_WORKING DATA_:
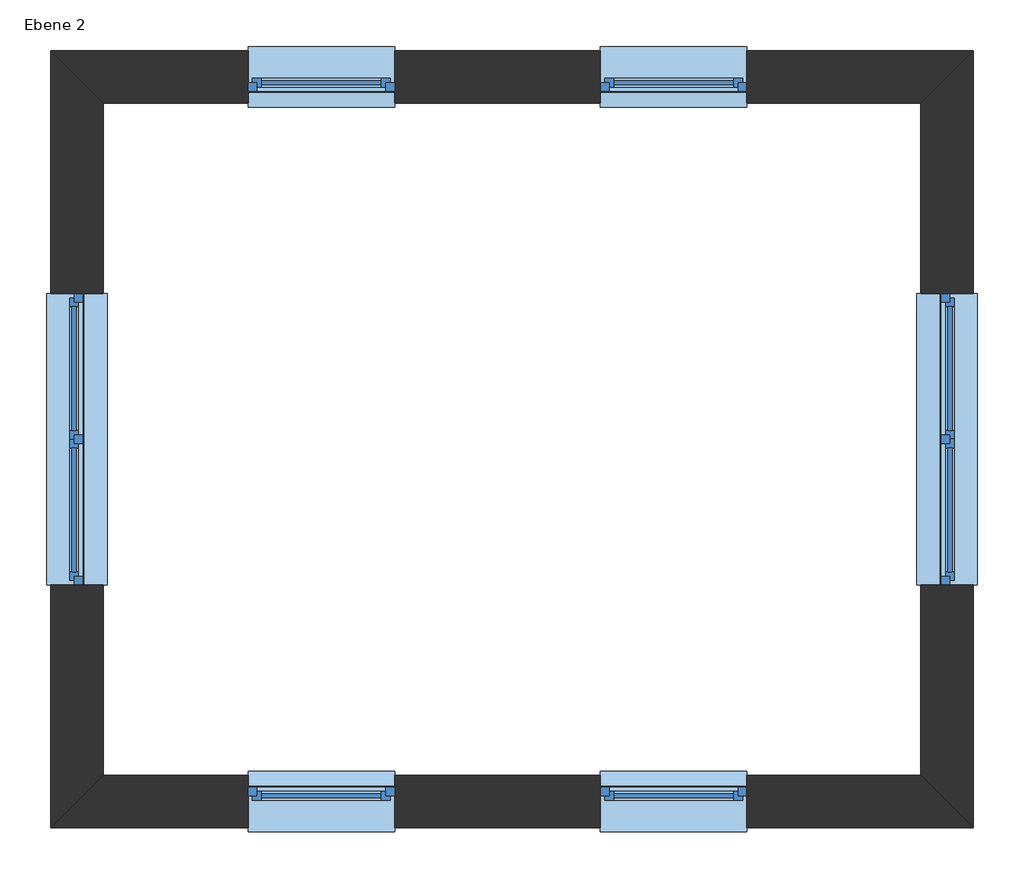
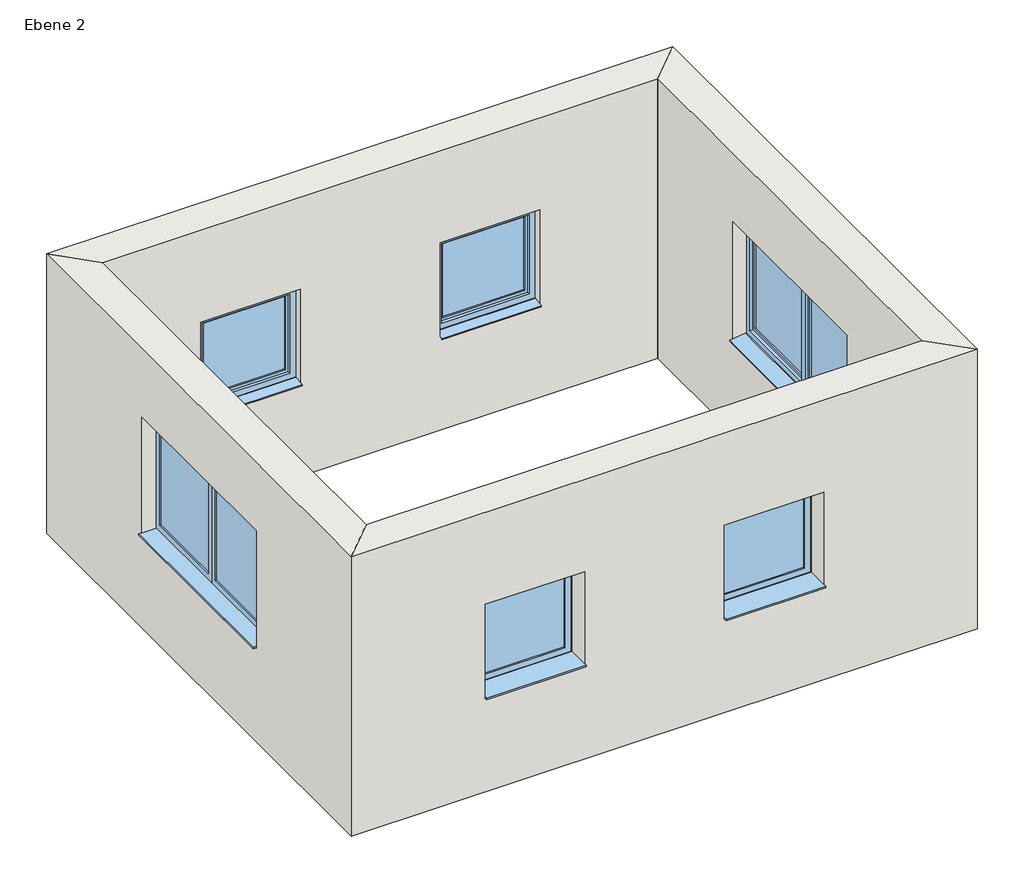
# One storey: 6 windows, 4 walls.
"""IFC4 building model written with IfcOpenShell, lengths in millimetres."""

import ifcopenshell
import ifcopenshell.guid

model = None  # the IFC model being written
_history = None  # IfcOwnerHistory: only IFC2X3 demands one
_inside = {}  # id of a spatial element -> (the spatial element, [elements in it])
_under = {}  # id of a project, library or spatial element -> (it, [spatial elements below it])
_declared = {}  # id of a project -> (the project, [libraries it declares])
_typed = {}  # id of a type object -> (the type object, [elements of that type])
_made_of = {}  # id of a material, layer set ... -> (it, [elements and type objects made of it])


def new_model(schema):
    """Start an empty IFC model of exactly this schema.

    Asked for "IFC4X3", IfcOpenShell would pick the latest addendum, in which some entities
    have other attributes; the version numbers below select the first issue.
    IFC2X3 requires an IfcOwnerHistory on every rooted entity: one is made here for all.
    """
    global model, _history
    if schema == "IFC4X3":
        model = ifcopenshell.file(schema_version=(4, 3, 0, 0))
    else:
        model = ifcopenshell.file(schema=schema)
    _inside.clear()
    _under.clear()
    _declared.clear()
    _typed.clear()
    _made_of.clear()
    _history = None
    if model.schema == "IFC2X3":
        org = make("IfcOrganization", Name="unknown")
        user = make(
            "IfcPersonAndOrganization",
            ThePerson=make("IfcPerson", FamilyName="unknown"),
            TheOrganization=org,
        )
        app = make(
            "IfcApplication",
            ApplicationDeveloper=org,
            Version="unknown",
            ApplicationFullName="unknown",
            ApplicationIdentifier="unknown",
        )
        _history = make(
            "IfcOwnerHistory",
            OwningUser=user,
            OwningApplication=app,
            ChangeAction="ADDED",
            CreationDate=0,
        )
    return model


def make(cls, **values):
    """One entity of the class cls with the attributes given. An attribute that is None is left unset."""
    return model.create_entity(
        cls, **{name: value for name, value in values.items() if value is not None}
    )


def rooted(cls, **values):
    """An entity with a GlobalId (a new one), such as an element, a storey or a relation."""
    return make(cls, GlobalId=ifcopenshell.guid.new(), OwnerHistory=_history, **values)


def si_unit(unit_type, name, prefix=None):
    """IfcSIUnit, for example si_unit("LENGTHUNIT", "METRE", prefix="MILLI")."""
    return make("IfcSIUnit", UnitType=unit_type, Prefix=prefix, Name=name)


def assignment(units):
    """IfcUnitAssignment: the units of a project."""
    return None if units is None else make("IfcUnitAssignment", Units=units)


def point(xyz):
    """IfcCartesianPoint."""
    return None if xyz is None else make("IfcCartesianPoint", Coordinates=xyz)


def direction(xyz):
    """IfcDirection."""
    return None if xyz is None else make("IfcDirection", DirectionRatios=xyz)


def frame(location, z_axis=None, x_axis=None):
    """IfcAxis2Placement3D, a coordinate frame: its origin and axes. An axis left out is left unset."""
    return make(
        "IfcAxis2Placement3D",
        Location=point(location),
        Axis=direction(z_axis),
        RefDirection=direction(x_axis),
    )


def origin():
    """The frame at (0, 0, 0) with its axes left unset."""
    return frame((0.0, 0.0, 0.0))


def place(relative_to, where):
    """IfcLocalPlacement: puts the frame where relative to a parent placement (None: the world)."""
    return make(
        "IfcLocalPlacement", PlacementRelTo=relative_to, RelativePlacement=where
    )


def context(
    kind, dimensions, precision=None, world=None, true_north=None, identifier=None
):
    """IfcGeometricRepresentationContext, for example the 3D "Model" context."""
    return make(
        "IfcGeometricRepresentationContext",
        ContextIdentifier=identifier,
        ContextType=kind,
        CoordinateSpaceDimension=dimensions,
        Precision=precision,
        WorldCoordinateSystem=world,
        TrueNorth=true_north,
    )


def project(units=None, contexts=None):
    """IfcProject with its units and contexts."""
    return rooted(
        "IfcProject",
        Name="project",
        RepresentationContexts=contexts,
        UnitsInContext=assignment(units),
    )


def spatial(cls, under=None, at=None, **own):
    """A site, building, storey or space (cls), placed at a placement, below another one or the project."""
    s = rooted(cls, ObjectPlacement=at, **own)
    if under is not None:
        _under.setdefault(under.id(), (under, []))[1].append(s)
    return s


def polyline(points):
    """IfcPolyline through the points."""
    return make("IfcPolyline", Points=[point(p) for p in points])


def outline(outer, holes=None, kind="AREA"):
    """IfcArbitraryClosedProfileDef: a profile drawn as a closed curve; with holes, ...WithVoids."""
    if holes is None:
        return make("IfcArbitraryClosedProfileDef", ProfileType=kind, OuterCurve=outer)
    return make(
        "IfcArbitraryProfileDefWithVoids",
        ProfileType=kind,
        OuterCurve=outer,
        InnerCurves=holes,
    )


def extrude(swept, where, along, depth):
    """IfcExtrudedAreaSolid: the profile swept, set in the frame where, extruded along a direction by depth."""
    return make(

_EXERCISE GOAL_: Say how many lines above contain "unset", and give no words besides the number.

_SOLUTION TO THIS EXERCISE_: 3